Requirement:
Starting at the first line of the listing below and ending at the line with "Board outline 9448.82", copy each line exactly.

Supplied data:
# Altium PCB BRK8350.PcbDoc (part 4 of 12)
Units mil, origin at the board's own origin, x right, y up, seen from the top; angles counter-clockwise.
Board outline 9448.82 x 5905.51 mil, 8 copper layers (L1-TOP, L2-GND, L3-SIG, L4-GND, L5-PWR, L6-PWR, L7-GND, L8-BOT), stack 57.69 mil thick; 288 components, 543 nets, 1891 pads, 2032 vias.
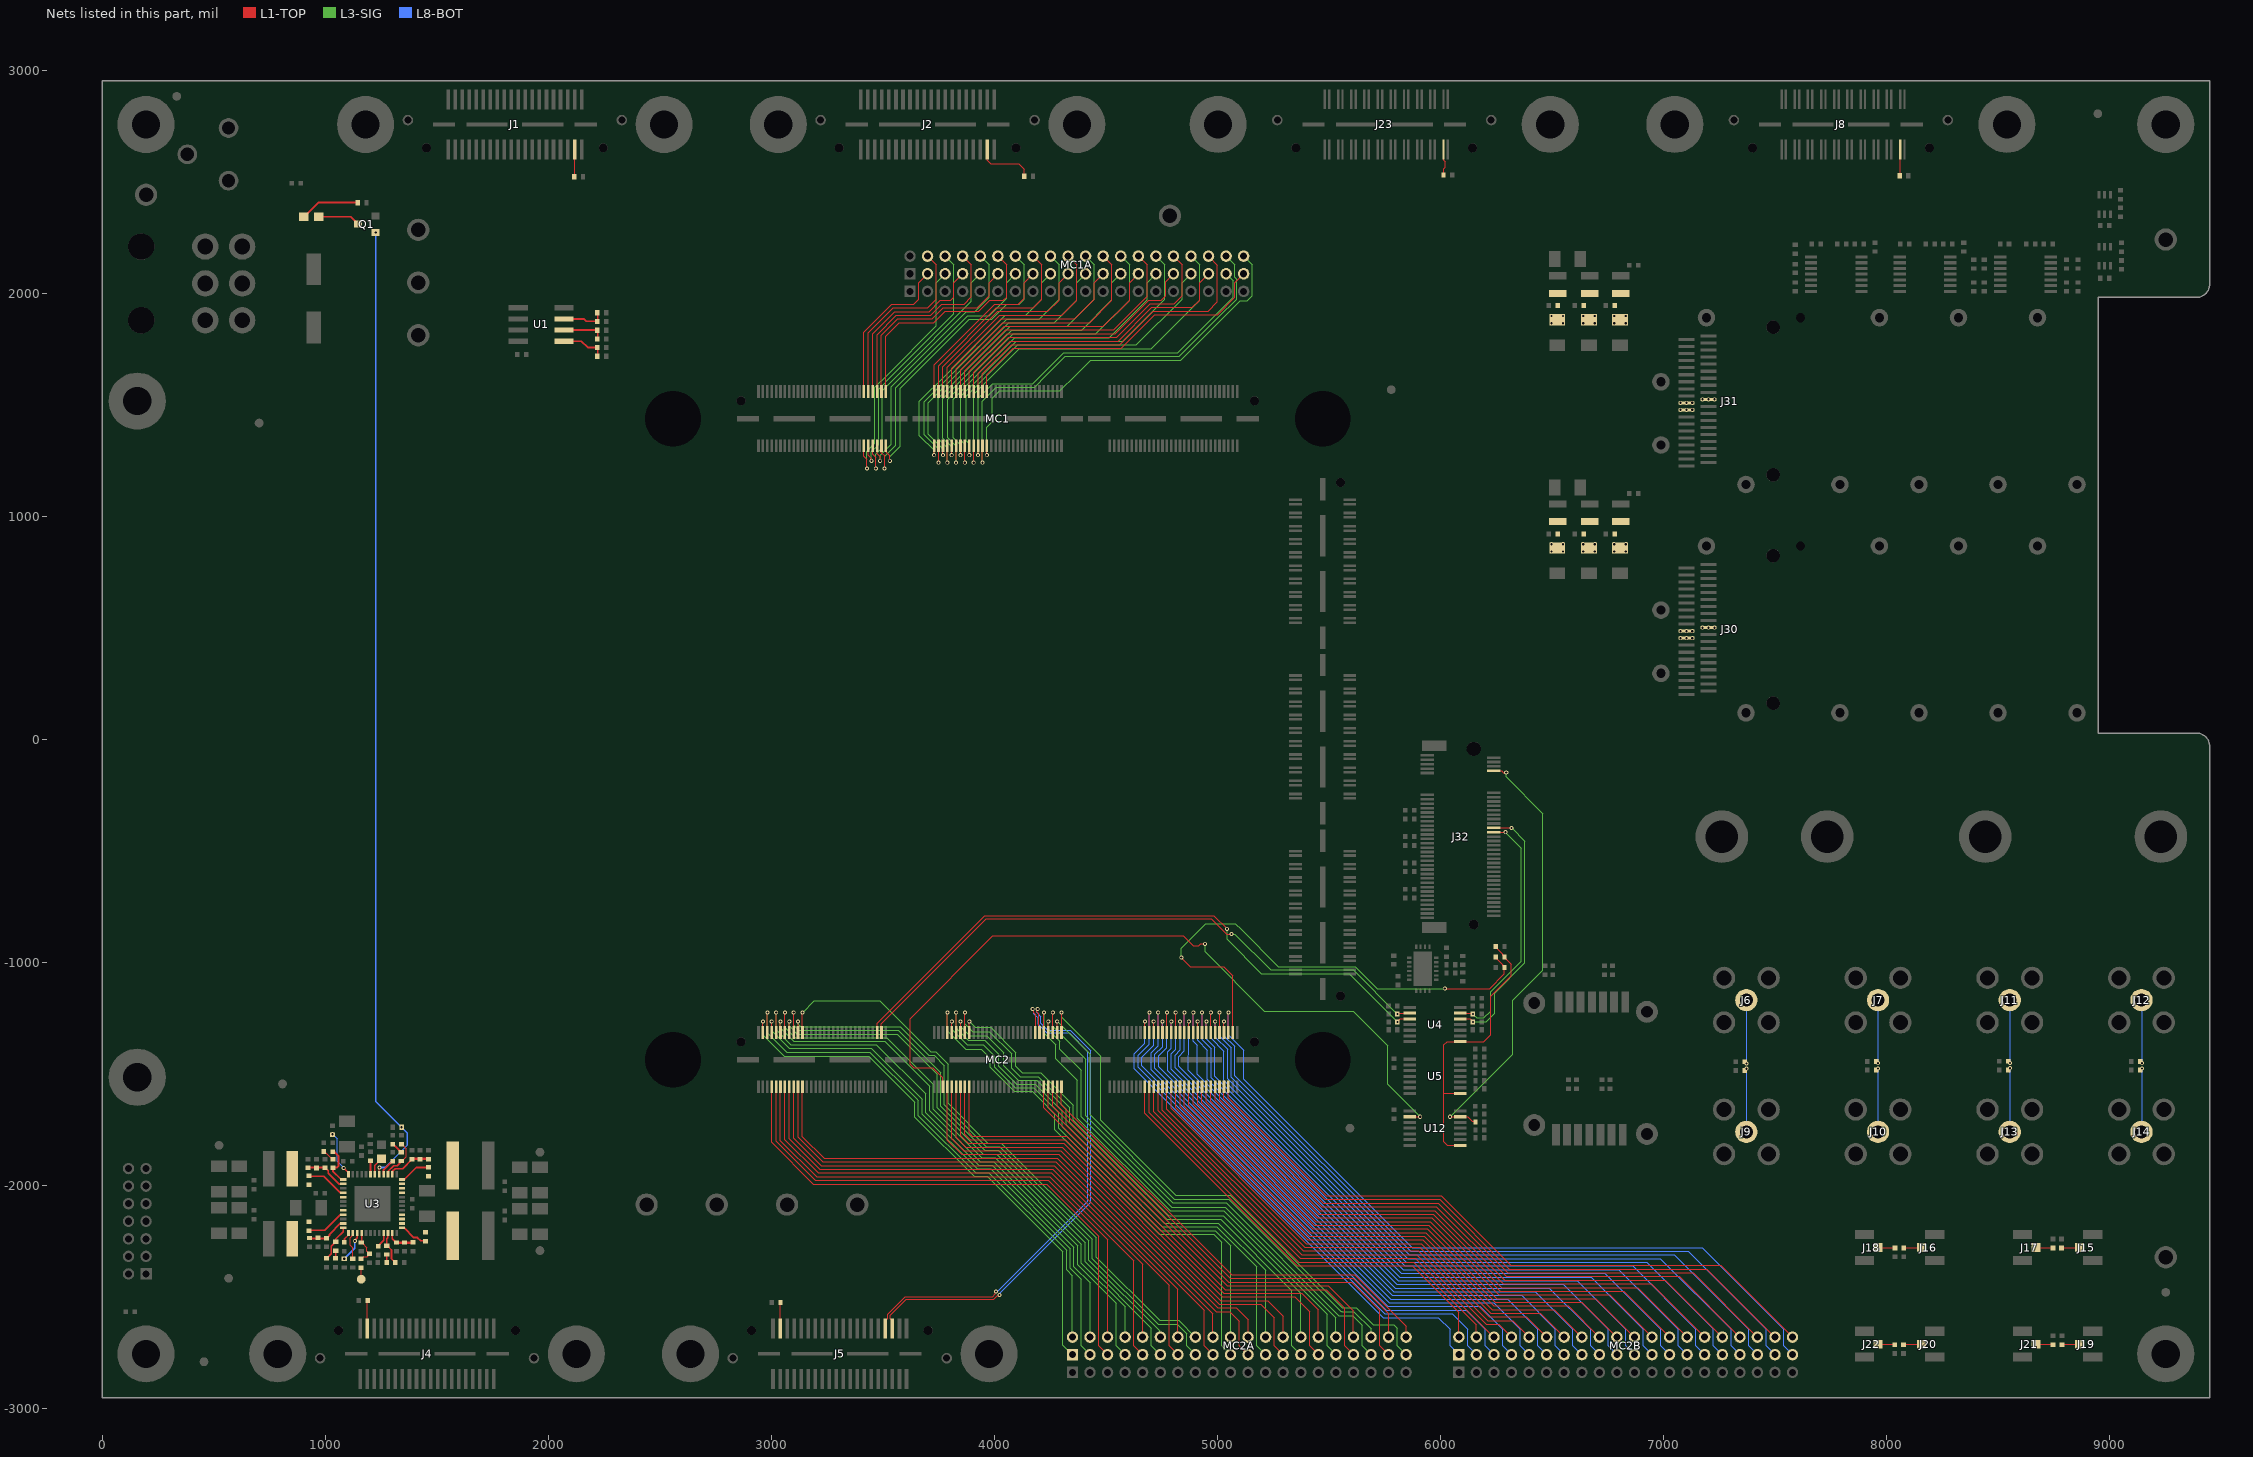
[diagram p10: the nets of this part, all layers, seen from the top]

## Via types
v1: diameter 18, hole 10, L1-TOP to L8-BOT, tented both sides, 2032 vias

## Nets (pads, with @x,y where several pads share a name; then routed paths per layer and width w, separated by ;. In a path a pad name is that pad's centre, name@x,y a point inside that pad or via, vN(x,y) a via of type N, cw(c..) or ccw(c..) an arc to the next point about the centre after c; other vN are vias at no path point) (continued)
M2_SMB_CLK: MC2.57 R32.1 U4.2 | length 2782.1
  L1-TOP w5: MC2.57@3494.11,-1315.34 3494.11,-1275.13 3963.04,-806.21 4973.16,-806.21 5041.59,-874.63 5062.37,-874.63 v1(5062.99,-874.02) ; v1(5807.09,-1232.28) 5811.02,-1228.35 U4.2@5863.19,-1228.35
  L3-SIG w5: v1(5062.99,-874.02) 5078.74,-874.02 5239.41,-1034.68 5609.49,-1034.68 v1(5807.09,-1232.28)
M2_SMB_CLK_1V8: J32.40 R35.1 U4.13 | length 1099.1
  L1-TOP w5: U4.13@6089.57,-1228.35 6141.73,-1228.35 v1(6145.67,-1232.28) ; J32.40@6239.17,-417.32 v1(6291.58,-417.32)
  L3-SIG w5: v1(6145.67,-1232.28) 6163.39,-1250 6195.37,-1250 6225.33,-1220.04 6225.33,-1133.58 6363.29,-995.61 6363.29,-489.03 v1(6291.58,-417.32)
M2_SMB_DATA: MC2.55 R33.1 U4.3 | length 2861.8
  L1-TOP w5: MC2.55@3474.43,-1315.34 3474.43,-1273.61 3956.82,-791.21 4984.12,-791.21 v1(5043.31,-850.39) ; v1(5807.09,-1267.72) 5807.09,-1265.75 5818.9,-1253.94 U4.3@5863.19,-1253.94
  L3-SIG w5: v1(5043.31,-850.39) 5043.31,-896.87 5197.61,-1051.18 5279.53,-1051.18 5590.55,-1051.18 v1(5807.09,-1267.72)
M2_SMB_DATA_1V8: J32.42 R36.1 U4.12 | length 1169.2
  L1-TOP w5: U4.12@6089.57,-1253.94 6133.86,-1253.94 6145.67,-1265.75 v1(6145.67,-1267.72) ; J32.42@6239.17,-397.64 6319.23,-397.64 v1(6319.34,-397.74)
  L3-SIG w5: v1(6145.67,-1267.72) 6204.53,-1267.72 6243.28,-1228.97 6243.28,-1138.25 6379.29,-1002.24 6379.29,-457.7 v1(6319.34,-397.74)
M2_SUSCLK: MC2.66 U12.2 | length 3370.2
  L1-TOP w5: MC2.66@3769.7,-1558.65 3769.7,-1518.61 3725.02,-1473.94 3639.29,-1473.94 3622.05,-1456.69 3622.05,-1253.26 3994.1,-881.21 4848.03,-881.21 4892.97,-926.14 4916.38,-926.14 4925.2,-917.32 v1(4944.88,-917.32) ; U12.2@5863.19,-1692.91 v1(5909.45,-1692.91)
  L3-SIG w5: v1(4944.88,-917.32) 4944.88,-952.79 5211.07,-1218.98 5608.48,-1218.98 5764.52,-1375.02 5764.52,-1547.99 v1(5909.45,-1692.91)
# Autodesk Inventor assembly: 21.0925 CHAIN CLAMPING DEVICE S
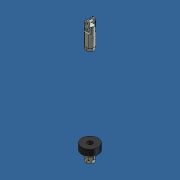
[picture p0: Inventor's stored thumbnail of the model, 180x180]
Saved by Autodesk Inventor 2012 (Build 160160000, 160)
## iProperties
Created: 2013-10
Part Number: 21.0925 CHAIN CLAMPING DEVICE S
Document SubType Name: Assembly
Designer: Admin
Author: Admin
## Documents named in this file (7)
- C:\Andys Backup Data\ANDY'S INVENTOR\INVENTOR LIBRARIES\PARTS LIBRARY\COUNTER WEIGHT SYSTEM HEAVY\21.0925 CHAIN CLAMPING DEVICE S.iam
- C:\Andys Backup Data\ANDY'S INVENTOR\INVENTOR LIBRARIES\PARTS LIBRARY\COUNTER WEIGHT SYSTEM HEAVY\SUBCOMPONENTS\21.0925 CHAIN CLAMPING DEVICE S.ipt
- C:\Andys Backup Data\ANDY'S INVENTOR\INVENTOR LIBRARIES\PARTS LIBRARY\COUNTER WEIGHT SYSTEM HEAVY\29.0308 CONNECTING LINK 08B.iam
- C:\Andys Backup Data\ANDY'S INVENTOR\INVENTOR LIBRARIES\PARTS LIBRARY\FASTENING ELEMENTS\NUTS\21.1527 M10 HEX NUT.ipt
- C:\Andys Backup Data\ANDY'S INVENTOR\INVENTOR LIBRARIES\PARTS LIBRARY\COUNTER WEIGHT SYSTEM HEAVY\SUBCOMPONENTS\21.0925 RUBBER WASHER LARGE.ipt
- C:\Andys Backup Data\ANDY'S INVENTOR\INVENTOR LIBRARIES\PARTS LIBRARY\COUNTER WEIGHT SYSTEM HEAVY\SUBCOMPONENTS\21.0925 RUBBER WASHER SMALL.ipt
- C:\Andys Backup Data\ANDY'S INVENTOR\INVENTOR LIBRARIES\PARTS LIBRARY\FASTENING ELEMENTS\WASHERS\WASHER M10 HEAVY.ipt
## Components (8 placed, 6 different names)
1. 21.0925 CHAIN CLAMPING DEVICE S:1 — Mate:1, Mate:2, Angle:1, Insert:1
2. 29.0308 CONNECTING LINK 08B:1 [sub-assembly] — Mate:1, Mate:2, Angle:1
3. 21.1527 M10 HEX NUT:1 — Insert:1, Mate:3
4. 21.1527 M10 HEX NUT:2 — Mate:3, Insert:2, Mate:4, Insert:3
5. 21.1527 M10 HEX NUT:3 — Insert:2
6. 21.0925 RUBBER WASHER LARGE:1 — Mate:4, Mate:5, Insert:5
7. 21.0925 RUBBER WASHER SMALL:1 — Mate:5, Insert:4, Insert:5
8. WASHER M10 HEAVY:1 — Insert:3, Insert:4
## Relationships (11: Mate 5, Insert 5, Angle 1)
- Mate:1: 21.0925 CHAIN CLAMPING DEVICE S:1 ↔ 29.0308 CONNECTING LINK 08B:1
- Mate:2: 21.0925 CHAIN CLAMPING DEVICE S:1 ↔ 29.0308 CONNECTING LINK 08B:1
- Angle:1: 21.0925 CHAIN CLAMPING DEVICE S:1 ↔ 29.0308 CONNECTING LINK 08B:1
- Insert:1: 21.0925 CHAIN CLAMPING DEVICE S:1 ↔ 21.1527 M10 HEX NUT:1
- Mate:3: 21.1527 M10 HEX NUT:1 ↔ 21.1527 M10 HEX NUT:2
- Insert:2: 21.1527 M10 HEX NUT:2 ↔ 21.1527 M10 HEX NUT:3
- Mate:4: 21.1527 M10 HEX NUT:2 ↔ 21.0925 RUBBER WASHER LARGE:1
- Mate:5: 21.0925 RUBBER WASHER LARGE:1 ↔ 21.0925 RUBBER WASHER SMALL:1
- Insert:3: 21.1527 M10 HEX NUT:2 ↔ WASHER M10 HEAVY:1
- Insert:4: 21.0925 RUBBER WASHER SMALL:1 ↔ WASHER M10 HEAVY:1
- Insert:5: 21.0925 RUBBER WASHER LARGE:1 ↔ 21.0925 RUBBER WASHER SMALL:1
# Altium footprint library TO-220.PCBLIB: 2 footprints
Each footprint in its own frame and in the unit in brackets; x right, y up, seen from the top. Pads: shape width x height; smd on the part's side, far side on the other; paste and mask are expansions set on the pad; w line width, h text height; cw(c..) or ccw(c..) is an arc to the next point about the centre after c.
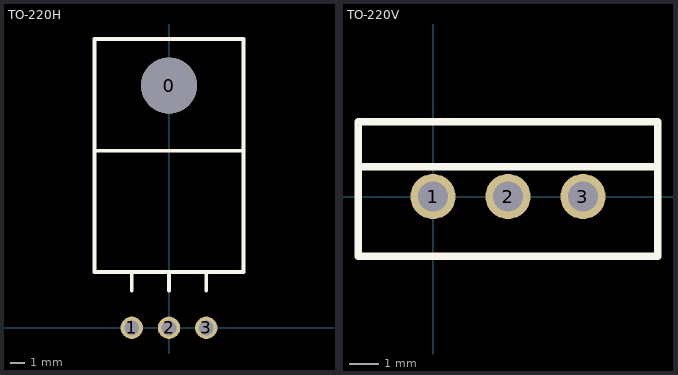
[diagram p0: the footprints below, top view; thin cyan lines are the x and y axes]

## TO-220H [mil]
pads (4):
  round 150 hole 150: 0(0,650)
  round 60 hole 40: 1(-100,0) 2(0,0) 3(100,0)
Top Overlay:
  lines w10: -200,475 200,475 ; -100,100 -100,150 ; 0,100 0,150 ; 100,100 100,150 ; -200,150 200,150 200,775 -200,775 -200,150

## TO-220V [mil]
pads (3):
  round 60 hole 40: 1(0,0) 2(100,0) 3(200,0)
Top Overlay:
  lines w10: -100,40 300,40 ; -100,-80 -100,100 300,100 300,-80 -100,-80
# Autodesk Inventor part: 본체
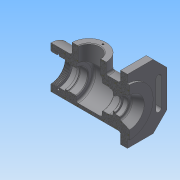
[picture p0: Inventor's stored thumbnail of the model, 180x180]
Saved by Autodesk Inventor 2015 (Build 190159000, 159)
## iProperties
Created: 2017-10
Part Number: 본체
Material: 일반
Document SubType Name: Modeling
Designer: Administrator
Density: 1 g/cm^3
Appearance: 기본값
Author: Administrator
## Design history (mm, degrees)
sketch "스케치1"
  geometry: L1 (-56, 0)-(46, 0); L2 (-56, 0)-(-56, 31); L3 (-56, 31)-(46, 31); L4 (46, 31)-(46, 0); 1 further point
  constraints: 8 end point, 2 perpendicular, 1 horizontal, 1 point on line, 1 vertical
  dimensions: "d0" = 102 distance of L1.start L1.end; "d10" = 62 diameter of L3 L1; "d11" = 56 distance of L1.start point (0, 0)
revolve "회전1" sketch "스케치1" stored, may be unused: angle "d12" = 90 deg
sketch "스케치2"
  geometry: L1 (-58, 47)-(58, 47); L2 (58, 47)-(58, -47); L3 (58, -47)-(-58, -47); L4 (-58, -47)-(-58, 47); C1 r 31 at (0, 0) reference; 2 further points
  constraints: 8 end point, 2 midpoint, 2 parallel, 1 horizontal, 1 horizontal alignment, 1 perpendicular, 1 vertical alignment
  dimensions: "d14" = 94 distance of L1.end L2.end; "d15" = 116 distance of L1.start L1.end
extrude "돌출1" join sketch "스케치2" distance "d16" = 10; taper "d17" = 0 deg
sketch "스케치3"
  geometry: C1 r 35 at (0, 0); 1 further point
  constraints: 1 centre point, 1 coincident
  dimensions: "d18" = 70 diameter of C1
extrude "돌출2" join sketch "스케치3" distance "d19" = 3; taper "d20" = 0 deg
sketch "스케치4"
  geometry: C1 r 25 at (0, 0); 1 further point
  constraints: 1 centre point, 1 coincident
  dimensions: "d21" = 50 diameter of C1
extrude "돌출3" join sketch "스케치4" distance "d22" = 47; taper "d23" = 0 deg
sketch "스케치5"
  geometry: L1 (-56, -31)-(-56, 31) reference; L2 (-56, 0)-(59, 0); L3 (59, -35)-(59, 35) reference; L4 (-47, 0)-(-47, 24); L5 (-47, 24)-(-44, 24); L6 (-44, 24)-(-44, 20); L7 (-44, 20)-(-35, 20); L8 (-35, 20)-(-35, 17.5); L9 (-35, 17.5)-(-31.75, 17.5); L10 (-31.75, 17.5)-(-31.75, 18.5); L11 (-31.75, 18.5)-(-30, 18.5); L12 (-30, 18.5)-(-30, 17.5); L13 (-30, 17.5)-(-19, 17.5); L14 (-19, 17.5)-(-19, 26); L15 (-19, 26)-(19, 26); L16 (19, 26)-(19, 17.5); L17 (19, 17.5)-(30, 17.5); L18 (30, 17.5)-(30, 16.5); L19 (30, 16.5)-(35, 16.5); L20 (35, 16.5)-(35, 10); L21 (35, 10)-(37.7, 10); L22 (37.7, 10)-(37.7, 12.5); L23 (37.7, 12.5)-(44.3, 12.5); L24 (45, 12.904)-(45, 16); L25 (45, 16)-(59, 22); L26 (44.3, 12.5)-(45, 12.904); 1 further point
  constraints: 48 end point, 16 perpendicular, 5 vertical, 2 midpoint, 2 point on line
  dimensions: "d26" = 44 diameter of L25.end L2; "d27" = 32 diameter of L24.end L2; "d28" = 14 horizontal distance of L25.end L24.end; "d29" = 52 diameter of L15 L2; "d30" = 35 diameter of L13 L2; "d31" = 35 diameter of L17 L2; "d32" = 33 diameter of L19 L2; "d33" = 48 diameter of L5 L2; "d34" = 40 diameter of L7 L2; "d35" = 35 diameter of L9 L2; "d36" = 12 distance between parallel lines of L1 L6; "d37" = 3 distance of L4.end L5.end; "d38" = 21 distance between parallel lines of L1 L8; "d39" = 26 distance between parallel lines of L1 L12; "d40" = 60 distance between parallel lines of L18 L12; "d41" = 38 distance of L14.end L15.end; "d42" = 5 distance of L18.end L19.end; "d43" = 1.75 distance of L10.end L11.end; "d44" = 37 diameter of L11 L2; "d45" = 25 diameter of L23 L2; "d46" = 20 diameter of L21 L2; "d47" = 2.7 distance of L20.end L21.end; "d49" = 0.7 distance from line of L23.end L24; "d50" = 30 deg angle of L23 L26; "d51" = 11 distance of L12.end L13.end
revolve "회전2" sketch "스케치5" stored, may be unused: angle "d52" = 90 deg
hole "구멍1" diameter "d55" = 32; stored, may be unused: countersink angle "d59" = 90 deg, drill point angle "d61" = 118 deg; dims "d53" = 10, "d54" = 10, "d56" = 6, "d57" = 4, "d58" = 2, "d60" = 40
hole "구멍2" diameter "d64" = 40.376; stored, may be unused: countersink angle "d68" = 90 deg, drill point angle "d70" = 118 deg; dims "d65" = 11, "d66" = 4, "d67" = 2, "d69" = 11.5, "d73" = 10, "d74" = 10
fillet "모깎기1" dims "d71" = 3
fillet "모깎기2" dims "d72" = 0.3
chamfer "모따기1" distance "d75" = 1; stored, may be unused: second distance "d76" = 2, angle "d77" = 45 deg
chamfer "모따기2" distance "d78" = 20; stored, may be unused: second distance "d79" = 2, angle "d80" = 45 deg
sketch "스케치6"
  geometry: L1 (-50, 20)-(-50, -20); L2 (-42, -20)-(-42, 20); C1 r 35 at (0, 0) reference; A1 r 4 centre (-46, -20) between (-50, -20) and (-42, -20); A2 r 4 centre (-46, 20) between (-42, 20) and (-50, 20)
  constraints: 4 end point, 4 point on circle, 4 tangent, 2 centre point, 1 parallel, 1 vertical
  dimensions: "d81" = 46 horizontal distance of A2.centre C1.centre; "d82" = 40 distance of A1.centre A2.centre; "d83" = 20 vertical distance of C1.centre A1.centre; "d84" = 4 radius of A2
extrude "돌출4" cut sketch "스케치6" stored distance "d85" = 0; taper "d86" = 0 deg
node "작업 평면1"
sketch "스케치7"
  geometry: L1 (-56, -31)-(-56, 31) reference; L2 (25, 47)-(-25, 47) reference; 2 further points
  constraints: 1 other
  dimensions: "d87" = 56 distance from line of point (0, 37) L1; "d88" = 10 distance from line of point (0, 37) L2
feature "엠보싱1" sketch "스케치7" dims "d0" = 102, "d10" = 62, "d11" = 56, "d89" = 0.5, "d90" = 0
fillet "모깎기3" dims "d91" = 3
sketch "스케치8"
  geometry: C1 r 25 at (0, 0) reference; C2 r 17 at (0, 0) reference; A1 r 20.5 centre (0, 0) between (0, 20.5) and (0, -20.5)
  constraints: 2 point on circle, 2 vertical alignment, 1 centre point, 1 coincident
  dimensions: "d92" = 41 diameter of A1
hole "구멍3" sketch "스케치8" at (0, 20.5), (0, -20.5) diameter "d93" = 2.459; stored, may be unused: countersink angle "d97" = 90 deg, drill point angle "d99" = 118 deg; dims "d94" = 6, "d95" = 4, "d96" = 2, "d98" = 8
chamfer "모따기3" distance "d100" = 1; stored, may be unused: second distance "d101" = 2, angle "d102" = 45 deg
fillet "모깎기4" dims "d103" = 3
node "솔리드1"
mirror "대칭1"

Result for this task:
# Altium PCB BRK8350.PcbDoc (part 4 of 12)
Units mil, origin at the board's own origin, x right, y up, seen from the top; angles counter-clockwise.
Board outline 9448.82 x 5905.51 mil, 8 copper layers (L1-TOP, L2-GND, L3-SIG, L4-GND, L5-PWR, L6-PWR, L7-GND, L8-BOT), stack 57.69 mil thick; 288 components, 543 nets, 1891 pads, 2032 vias.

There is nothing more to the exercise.